In molecular crystals with extended hydrogen bonding networks (often with “rosette-type” hydrogen bonding geometry) such as melamine and its related adducts, as well as TATB, the pressure–stability relationship appears to be more complex. In a 1:2 melamine-boric acid adduct, a reversible amorphization transition was reported at 18 GPa, indicating a loss of periodicity but not chemical alteration [70]. For a 1:1 cyanuric acid-melamine adduct, an irreversible phase transition at 4.9 GPa to a quenchable crystalline phase of lower symmetry was reported [71]. This was accompanied by a pronounced change in the crystal’s opacity, not unlike what is seen in the irreversible amorphization of melamine. Surprisingly, TATB in hydrostatic helium was found to be stable up to at least 150 GPa, after experiencing several subtle, reversible phase transformations that produced visible color changes in the crystal [44].

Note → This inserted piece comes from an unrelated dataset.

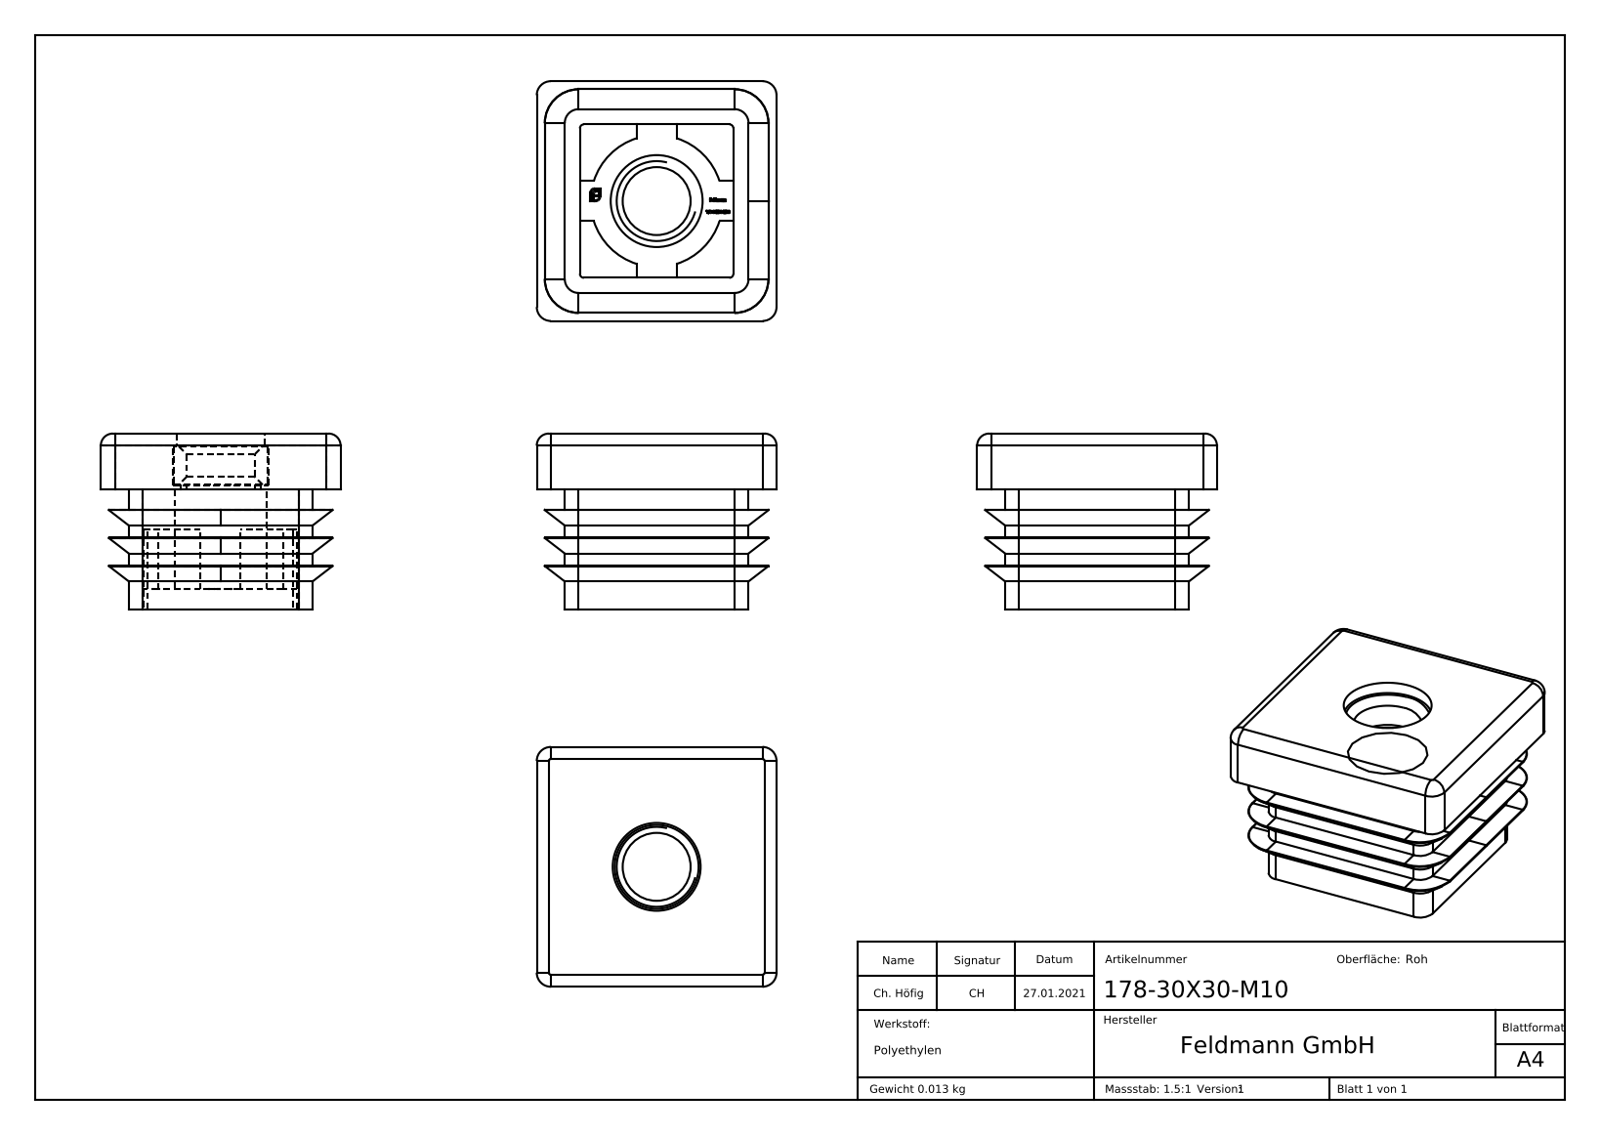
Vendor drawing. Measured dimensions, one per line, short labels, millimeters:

In melamine, the phase transformations to the triclinic polymorph and amorphous phase occur at roughly double the pressure than other molecular solids, at upwards of 36 GPa in helium. The reversible transformation to the triclinic structure results from a rearrangement of the hydrogen bonding network in melamine, where electronic and electrostatic interactions not seen at ambient conditions are kept stable at high pressure but revert upon decompression. Upon further compression, the crystal can no longer accommodate these forced interactions, and an irreversible transition occurs to release the imposed stress on the structure. The large pressure stability field of melamine, combined with the interesting behavior of melamine adducts with pressure, indicate some potential for using melamine-based substituted triazines or adducts to design functional crystals held together by extensive pressure-stabilized hydrogen bonding networks.